Südostasien: Militärmanöver Ausdruck wachsender Spannungen zwischen USA und China?

(24.04.2012/dpa)

Ein umfangreiches chinesisch-russisches Seemanöver mit mehr als 20 Kriegs- und Versorgungsschiffen ist nach Angaben aus Moskau in die „aktive Phase“ übergegangen. „Am Morgen hat ein Verband der russischen Kriegsmarine den chinesischen Hafen Qingdao in Richtung offenes Gelbes Meer verlassen“, teilte ein Armeesprecher am Dienstag nach Angaben russischer Agenturen mit. Bei dem bis zum 29. April geplanten Manöver werde unter anderem geübt, Luftschläge abzuwehren sowie Vorräte auf hoher See aufzufüllen und einen U-Boot-gefährdeten Raum zu passieren. Dabei würden „gekaperte“ Schiffe befreit, Ziele vernichtet und auch Wasserbomben eingesetzt.
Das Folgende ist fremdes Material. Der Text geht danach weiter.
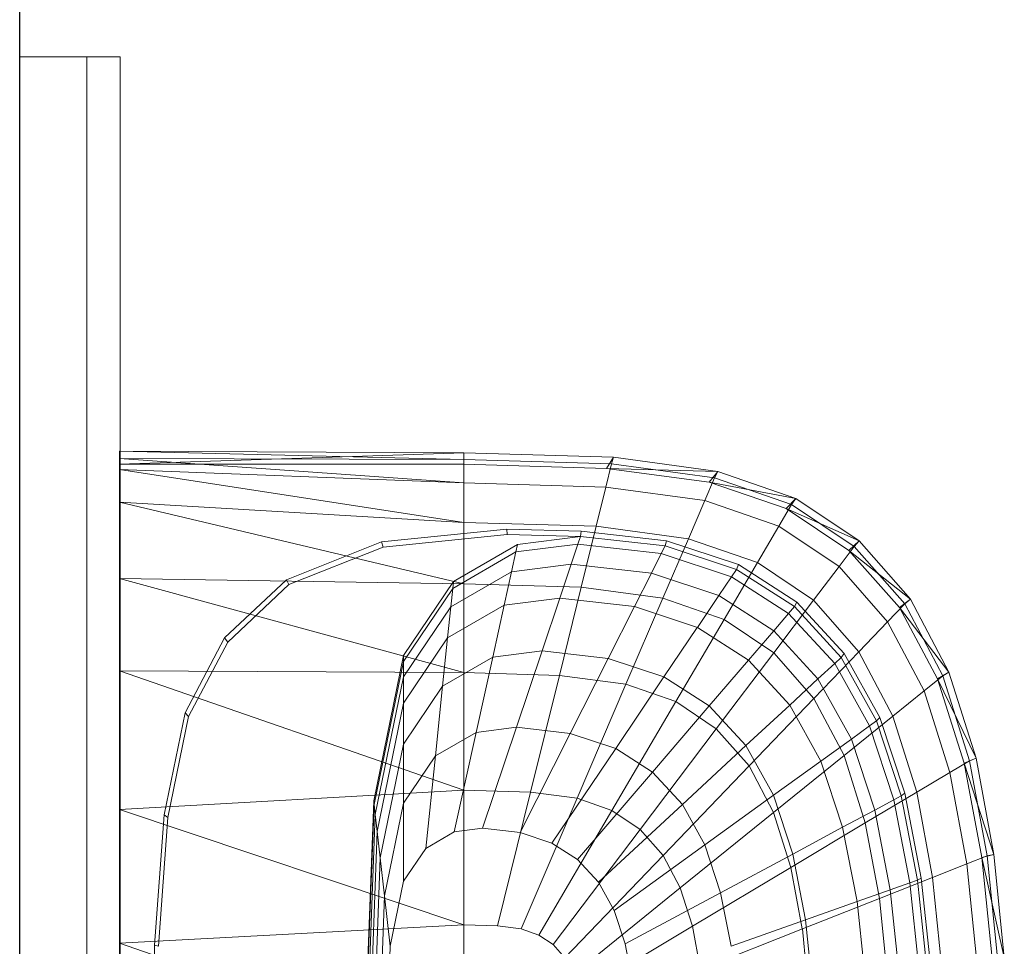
# Model space of a CAD drawing. Header units: metres. Extents: x 391.1 to 427.5, y 12.8 to 28.4.
# Tile 101 of 149: x 403.357 to 403.651, y 27.473 to 27.75. Entities that reach past the tile are written whole.
import ezdxf

# ---------------------------------------------------------------- set-up
doc = ezdxf.new("R2010")
doc.units = ezdxf.units.M
for name, color, linetype, lineweight in [('02_MOBILIARIO', 7, 'Continuous', 18), ('A-DETL-____-MBND', 7, 'Continuous', 18), ('A-GENM-____-OTLN', 7, 'Continuous', 18), ('A-WALL-____-MCUT', 7, 'Continuous', 25), ('A-WALL-____-OTLN', 7, 'Continuous', 25)]:
    doc.layers.add(name, color=color, linetype=linetype, lineweight=lineweight)

# ---------------------------------------------------------------- blocks, each defined once
blk = doc.blocks.new('Family - LONDR55-XX_ZZ-ARQ-CAA-M3D-Londres55-152064-03_TEL_P0A')
at = {"layer": 'A-GENM-____-OTLN', "color": 253, "true_color": 0xaaaaaa}
for p, q in [((0.6, 0.03), (0, 0.03)), ((0, 0.03), (0, 0.01)), ((0, 0.03), (0, 0.01)), ((0.6, 0.03), (0, 0.03)), ((0.6, 0.01), (0.6, 0.03)), ((0.6, 0.01), (0.6, 0.03)), ((0.6, 0.01), (0, 0.01)), ((0, 0.01), (0, 0)), ((0, 0), (0, 0.01)), ((0, 0.01), (0.6, 0.01)), ((0, 0.01), (0.6, 0.01)), ((0, 0.01), (0.6, 0.01)), ((0.6, 0), (0.6, 0.01)), ((0.6, 0.01), (0.6, 0)), ((0, 0), (0.6, 0)), ((0.6, 0), (0, 0))]:
    blk.add_line(p, q, dxfattribs=at)
blk = doc.blocks.new('Family - Mirall PA-152065-03_TEL_P0A')
blk.add_blockref('Family - LONDR55-XX_ZZ-ARQ-CAA-M3D-Londres55-152064-03_TEL_P0A', (0, 0))
blk = doc.blocks.new('Family - Evans PA-152341-03_TEL_P0A')
at = {"layer": 'A-WALL-____-MCUT', "color": 253, "true_color": 0xaaaaaa}
blk.add_line((2.08, 0), (4.42866, 0), dxfattribs=at)
at = {"layer": 'A-WALL-____-OTLN', "color": 253, "true_color": 0xaaaaaa}
blk.add_line((0, 0), (4.42866, 0), dxfattribs=at)
at = {"layer": 'A-WALL-____-OTLN', "color": 253, "lineweight": 18, "true_color": 0xaaaaaa}
blk.add_line((0, 0), (4.42866, 0), dxfattribs=at)
blk = doc.blocks.new('Family - Rentamans PA-152384-03_TEL_P0A')
at = {"layer": 'A-DETL-____-MBND', "color": 253, "true_color": 0xaaaaaa}
for p, q in [((0, 0.36146), (0, 0.36526)), ((0, 0.36526), (0, 0.36308)), ((0.10273, 0.3648), (0, 0.36526)), ((0.10273, 0.36283), (0, 0.36526)), ((0.10273, 0.3648), (0, 0.36146)), ((0.14736, 0.36347), (0.10273, 0.3648)), ((0.10273, 0.36283), (0.10273, 0.3648)), ((0.10273, 0.36479), (0.10273, 0.36141)), ((0, 0.36308), (0, 0.35983)), ((0.10273, 0.36283), (0, 0.36308)), ((0, 0.36308), (0.10273, 0.35585)), ((0.10273, 0.36141), (0, 0.36146)), ((0, 0.36146), (0, 0.00406)), ((0.14679, 0.36152), (0.10273, 0.36283)), ((0.10273, 0.36283), (0.10273, 0.35585)), ((0.14525, 0.36016), (0.10273, 0.36141)), ((0.14508, 0.3546), (0.14679, 0.36152)), ((0.14525, 0.36016), (0.14736, 0.36347)), ((0.14679, 0.36152), (0.14736, 0.36347)), ((0.17751, 0.35738), (0.14679, 0.36152)), ((0.17848, 0.35928), (0.14736, 0.36347)), ((0, 0.35983), (0, 0.35008)), ((0.10273, 0.35585), (0, 0.35983)), ((0, 0.35983), (0.10273, 0.34405)), ((0.17596, 0.35605), (0.14525, 0.36016)), ((0.17848, 0.35928), (0.14525, 0.36016)), ((0.17596, 0.35605), (0.17848, 0.35928)), ((0.17751, 0.35738), (0.17848, 0.35928)), ((0.20176, 0.35121), (0.17848, 0.35928)), ((0.10273, 0.35585), (0.10273, 0.34405)), ((0.14508, 0.3546), (0.10273, 0.35585)), ((0.17461, 0.35061), (0.17751, 0.35738)), ((0.19894, 0.34814), (0.17596, 0.35605)), ((0.20176, 0.35121), (0.17596, 0.35605)), ((0.2005, 0.34941), (0.17751, 0.35738)), ((0.14508, 0.3546), (0.1422, 0.34287)), ((0.17461, 0.35061), (0.14508, 0.3546)), ((0, 0.35008), (0, 0.32734)), ((0.10273, 0.34405), (0, 0.35008)), ((0, 0.35008), (0.10273, 0.32574)), ((0.16971, 0.33917), (0.17461, 0.35061)), ((0.19671, 0.34296), (0.17461, 0.35061)), ((0.19894, 0.34814), (0.20176, 0.35121)), ((0.2005, 0.34941), (0.20176, 0.35121)), ((0.22069, 0.33849), (0.20176, 0.35121)), ((0.19671, 0.34296), (0.2005, 0.34941)), ((0.21762, 0.33569), (0.19894, 0.34814)), ((0.22069, 0.33849), (0.19894, 0.34814)), ((0.21918, 0.33686), (0.2005, 0.34941)), ((0.10273, 0.34405), (0.10273, 0.32574)), ((0.1422, 0.34287), (0.10273, 0.34405)), ((0.07816, 0.33823), (0.11557, 0.34199)), ((0.11557, 0.34199), (0.13769, 0.34144)), ((0.11566, 0.34041), (0.11557, 0.34199)), ((0.13755, 0.33987), (0.13769, 0.34144)), ((0.13769, 0.34144), (0.16318, 0.33856)), ((0.1422, 0.34287), (0.13772, 0.3247)), ((0.16971, 0.33917), (0.1422, 0.34287)), ((0.1903, 0.33203), (0.19671, 0.34296)), ((0.21467, 0.33089), (0.19671, 0.34296)), ((0.04977, 0.3269), (0.07816, 0.33823)), ((0.07861, 0.33669), (0.07816, 0.33823)), ((0.07861, 0.33669), (0.11566, 0.34041)), ((0.11566, 0.34041), (0.13755, 0.33987)), ((0.11875, 0.33749), (0.13755, 0.33987)), ((0.13678, 0.33756), (0.13755, 0.33987)), ((0.13755, 0.33987), (0.1628, 0.33702)), ((0.16971, 0.33917), (0.1621, 0.32141)), ((0.1628, 0.33702), (0.16318, 0.33856)), ((0.16318, 0.33856), (0.18466, 0.33146)), ((0.1903, 0.33203), (0.16971, 0.33917)), ((0.21762, 0.33569), (0.22069, 0.33849)), ((0.21918, 0.33686), (0.22069, 0.33849)), ((0.23596, 0.32112), (0.22069, 0.33849)), ((0.05051, 0.32548), (0.07861, 0.33669)), ((0.09941, 0.32432), (0.11825, 0.33522)), ((0.09963, 0.32643), (0.11875, 0.33749)), ((0.11825, 0.33522), (0.11696, 0.32931)), ((0.11825, 0.33522), (0.13678, 0.33756)), ((0.11875, 0.33749), (0.11825, 0.33522)), ((0.13476, 0.33156), (0.13678, 0.33756)), ((0.13678, 0.33756), (0.16165, 0.33475)), ((0.16165, 0.33475), (0.1628, 0.33702)), ((0.1628, 0.33702), (0.18406, 0.32998)), ((0.21467, 0.33089), (0.21918, 0.33686)), ((0.2327, 0.31866), (0.21762, 0.33569)), ((0.23596, 0.32112), (0.21762, 0.33569)), ((0.23426, 0.31971), (0.21918, 0.33686)), ((0.15867, 0.32886), (0.16165, 0.33475)), ((0.16165, 0.33475), (0.1826, 0.32782)), ((0.18036, 0.31508), (0.1903, 0.33203)), ((0.20704, 0.32079), (0.1903, 0.33203)), ((0.09884, 0.31884), (0.11696, 0.32931)), ((0.11696, 0.32931), (0.11476, 0.31932)), ((0.11696, 0.32931), (0.13476, 0.33156)), ((0.13135, 0.32141), (0.13476, 0.33156)), ((0.13476, 0.33156), (0.15867, 0.32886)), ((0.1826, 0.32782), (0.18406, 0.32998)), ((0.18406, 0.32998), (0.18466, 0.33146)), ((0.18406, 0.32998), (0.20135, 0.31889)), ((0.18466, 0.33146), (0.20212, 0.32026)), ((0.20704, 0.32079), (0.21467, 0.33089)), ((0.22917, 0.3144), (0.21467, 0.33089)), ((0, 0.32734), (0, 0.29972)), ((0.10273, 0.32574), (0, 0.32734)), ((0, 0.32734), (0.10273, 0.29924)), ((0.03136, 0.30959), (0.04977, 0.3269)), ((0.05051, 0.32548), (0.04977, 0.3269)), ((0.08473, 0.30435), (0.09963, 0.32643)), ((0.09941, 0.32432), (0.09963, 0.32643)), ((0.15363, 0.3189), (0.15867, 0.32886)), ((0.15867, 0.32886), (0.17881, 0.3222)), ((0.17881, 0.3222), (0.1826, 0.32782)), ((0.1826, 0.32782), (0.19963, 0.31689)), ((0.03228, 0.30834), (0.05051, 0.32548)), ((0.08473, 0.30256), (0.09941, 0.32432)), ((0.09941, 0.32432), (0.09884, 0.31884)), ((0.10273, 0.32574), (0.10273, 0.29924)), ((0.13772, 0.3247), (0.10273, 0.32574)), ((0.13772, 0.3247), (0.13123, 0.29839)), ((0.1621, 0.32141), (0.13772, 0.3247)), ((0.11476, 0.31932), (0.13135, 0.32141)), ((0.12606, 0.30567), (0.13135, 0.32141)), ((0.13135, 0.32141), (0.15363, 0.3189)), ((0.1621, 0.32141), (0.1511, 0.29571)), ((0.18036, 0.31508), (0.1621, 0.32141)), ((0.1724, 0.31269), (0.17881, 0.3222)), ((0.17881, 0.3222), (0.19518, 0.3117)), ((0.19519, 0.30512), (0.20704, 0.32079)), ((0.20135, 0.31889), (0.20212, 0.32026)), ((0.20212, 0.32026), (0.21621, 0.30495)), ((0.22054, 0.30543), (0.20704, 0.32079)), ((0.2327, 0.31866), (0.23596, 0.32112)), ((0.23426, 0.31971), (0.23596, 0.32112)), ((0.24746, 0.29938), (0.23596, 0.32112)), ((0.08473, 0.29792), (0.09884, 0.31884)), ((0.09788, 0.30955), (0.11476, 0.31932)), ((0.09884, 0.31884), (0.09788, 0.30955)), ((0.11476, 0.31932), (0.11135, 0.30381)), ((0.14581, 0.30344), (0.15363, 0.3189)), ((0.15363, 0.3189), (0.1724, 0.31269)), ((0.19963, 0.31689), (0.20135, 0.31889)), ((0.20135, 0.31889), (0.2153, 0.30374)), ((0.22917, 0.3144), (0.23426, 0.31971)), ((0.24405, 0.29737), (0.2327, 0.31866)), ((0.24746, 0.29938), (0.2327, 0.31866)), ((0.24562, 0.29825), (0.23426, 0.31971)), ((0.18036, 0.31508), (0.16597, 0.29056)), ((0.19519, 0.30512), (0.18036, 0.31508)), ((0.19518, 0.3117), (0.19963, 0.31689)), ((0.19963, 0.31689), (0.21338, 0.30196)), ((0.22054, 0.30543), (0.22917, 0.3144)), ((0.24008, 0.29377), (0.22917, 0.3144)), ((0.16244, 0.29794), (0.17239, 0.31269)), ((0.1724, 0.31269), (0.18765, 0.3029)), ((0.18765, 0.3029), (0.19518, 0.3117)), ((0.19518, 0.3117), (0.20839, 0.29735)), ((0.01958, 0.28716), (0.03136, 0.30959)), ((0.03228, 0.30834), (0.03136, 0.30959)), ((0.08473, 0.29006), (0.09788, 0.30955)), ((0.09788, 0.30955), (0.09638, 0.29516)), ((0.02062, 0.28613), (0.03228, 0.30834)), ((0.11135, 0.30381), (0.12606, 0.30567)), ((0.1184, 0.28289), (0.12606, 0.30567)), ((0.12606, 0.30567), (0.14581, 0.30344)), ((0.07584, 0.26096), (0.08473, 0.30435)), ((0.08473, 0.30256), (0.08473, 0.30435)), ((0.09638, 0.29516), (0.11135, 0.30381)), ((0.11135, 0.30381), (0.10642, 0.28138)), ((0.13449, 0.28107), (0.14581, 0.30344)), ((0.14581, 0.30344), (0.16244, 0.29794)), ((0.17596, 0.28926), (0.18765, 0.3029)), ((0.17806, 0.28244), (0.19519, 0.30512)), ((0.18765, 0.3029), (0.19996, 0.28953)), ((0.20717, 0.2915), (0.19519, 0.30512)), ((0.20717, 0.2915), (0.22054, 0.30542)), ((0.21338, 0.30196), (0.2153, 0.30374)), ((0.2153, 0.30374), (0.21621, 0.30495)), ((0.2153, 0.30374), (0.2258, 0.28478)), ((0.21621, 0.30495), (0.22681, 0.2858)), ((0.23071, 0.2862), (0.22054, 0.30543)), ((0, 0.29972), (0, 0.2583)), ((0.10273, 0.29924), (0, 0.29972)), ((0, 0.29972), (0.10273, 0.26415)), ((0.07598, 0.25981), (0.08473, 0.30256)), ((0.08473, 0.29792), (0.08473, 0.30256)), ((0.20839, 0.29735), (0.21338, 0.30196)), ((0.21338, 0.30196), (0.22372, 0.28328)), ((0.07631, 0.25683), (0.08473, 0.29792)), ((0.08473, 0.29792), (0.08473, 0.29006)), ((0.10273, 0.29924), (0.10273, 0.26415)), ((0.13123, 0.29839), (0.10273, 0.29924)), ((0.13123, 0.29839), (0.12265, 0.26356)), ((0.1511, 0.29571), (0.13123, 0.29839)), ((0.14804, 0.27659), (0.16244, 0.29794)), ((0.16244, 0.29794), (0.17596, 0.28926)), ((0.19996, 0.28953), (0.20839, 0.29735)), ((0.20839, 0.29735), (0.21834, 0.27939)), ((0.24008, 0.29377), (0.24562, 0.29825)), ((0.24405, 0.29737), (0.24746, 0.29938)), ((0.25202, 0.27221), (0.24405, 0.29737)), ((0.25554, 0.27371), (0.24405, 0.29737)), ((0.24562, 0.29825), (0.24746, 0.29938)), ((0.25359, 0.2729), (0.24562, 0.29825)), ((0.25554, 0.27371), (0.24746, 0.29938)), ((0.08473, 0.27788), (0.09638, 0.29516)), ((0.09638, 0.29516), (0.09423, 0.27433)), ((0.1511, 0.29571), (0.13653, 0.26169)), ((0.1511, 0.29571), (0.16597, 0.29056)), ((0.23071, 0.2862), (0.24008, 0.29377)), ((0.24775, 0.26941), (0.24008, 0.29377)), ((0.18781, 0.27134), (0.20717, 0.2915)), ((0.21618, 0.27446), (0.20717, 0.2915)), ((0.07689, 0.25177), (0.08473, 0.29006)), ((0.08473, 0.29006), (0.08473, 0.27788)), ((0.16597, 0.29056), (0.14692, 0.25809)), ((0.15906, 0.26952), (0.17596, 0.28926)), ((0.16597, 0.29056), (0.17805, 0.28244)), ((0.17596, 0.28926), (0.18688, 0.27741)), ((0.18688, 0.27741), (0.19996, 0.28953)), ((0.19996, 0.28953), (0.20923, 0.2728)), ((0.01327, 0.25673), (0.01958, 0.28716)), ((0.01437, 0.25599), (0.02062, 0.28613)), ((0.02062, 0.28613), (0.01958, 0.28716)), ((0.21618, 0.27446), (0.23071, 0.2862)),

„Während der aktiven Phase werden sich Beobachter der chinesischen Marine an Bord der russischen Schiffe sowie umgekehrt auch russische Beobachter an Bord der chinesischen Kriegsschiffe befinden“, sagte der Armeesprecher in Moskau. Das Manöver diene „der Festigung und Entwicklung der russisch-chinesischen Beziehungen, der strategischen Partnerschaft und dem Zusammenwirken zwischen den beiden Ländern und deren Streitkräften“. Aus Russland nehmen an der Übung unter anderem ein Raketenkreuzer und mehrere U-Boot-Abwehrschiffe teil.

Besondere Brisanz erhält die Übung, da gleichzeitig ein gemeinsames Militärmanöver der USA und den Philippinen stattfindet. China befindet sich mit den Philippinen im Streit um die im südchinesischen Meer gelegenen Spratly-Inseln, die eine geostrategisch wichtige Rolle spielen.  Das seit dem 16. April unter der Bezeichnung Balikatan („Schulter an Schulter“) laufende  Manöver wird laut US-Militärquellen regelmäßig seit fast 30 Jahren durchgeführt. (1) Es sei daher auch keine Reaktion auf das russisch-chinesische Manöver, sondern eine „routinemäßige Übung ohne jeden Zusammenhang mit der politischen Lage in der Region“. (2)

In China wird aber die wachsende Militärpräsenz der Vereinigten Staaten in Südostasien zunehmend als Bedrohung der eigenen Wirtschafts- und Sicherheitsinteressen betrachtet. Nicht ohne Grund: Gegen Ende vergangenen Jahres erklärte US-Präsident Barak Obama, er habe eine „strategische Entscheidung“ getroffen: „Als Pazifiknation werden die USA eine größere und langfristigere Rolle in der Gestaltung dieser Region und ihrer Zukunft spielen“. „Wir sind hier, und wir werden hier bleiben“, kündigte Obama mit drohendem Unterton an. (3)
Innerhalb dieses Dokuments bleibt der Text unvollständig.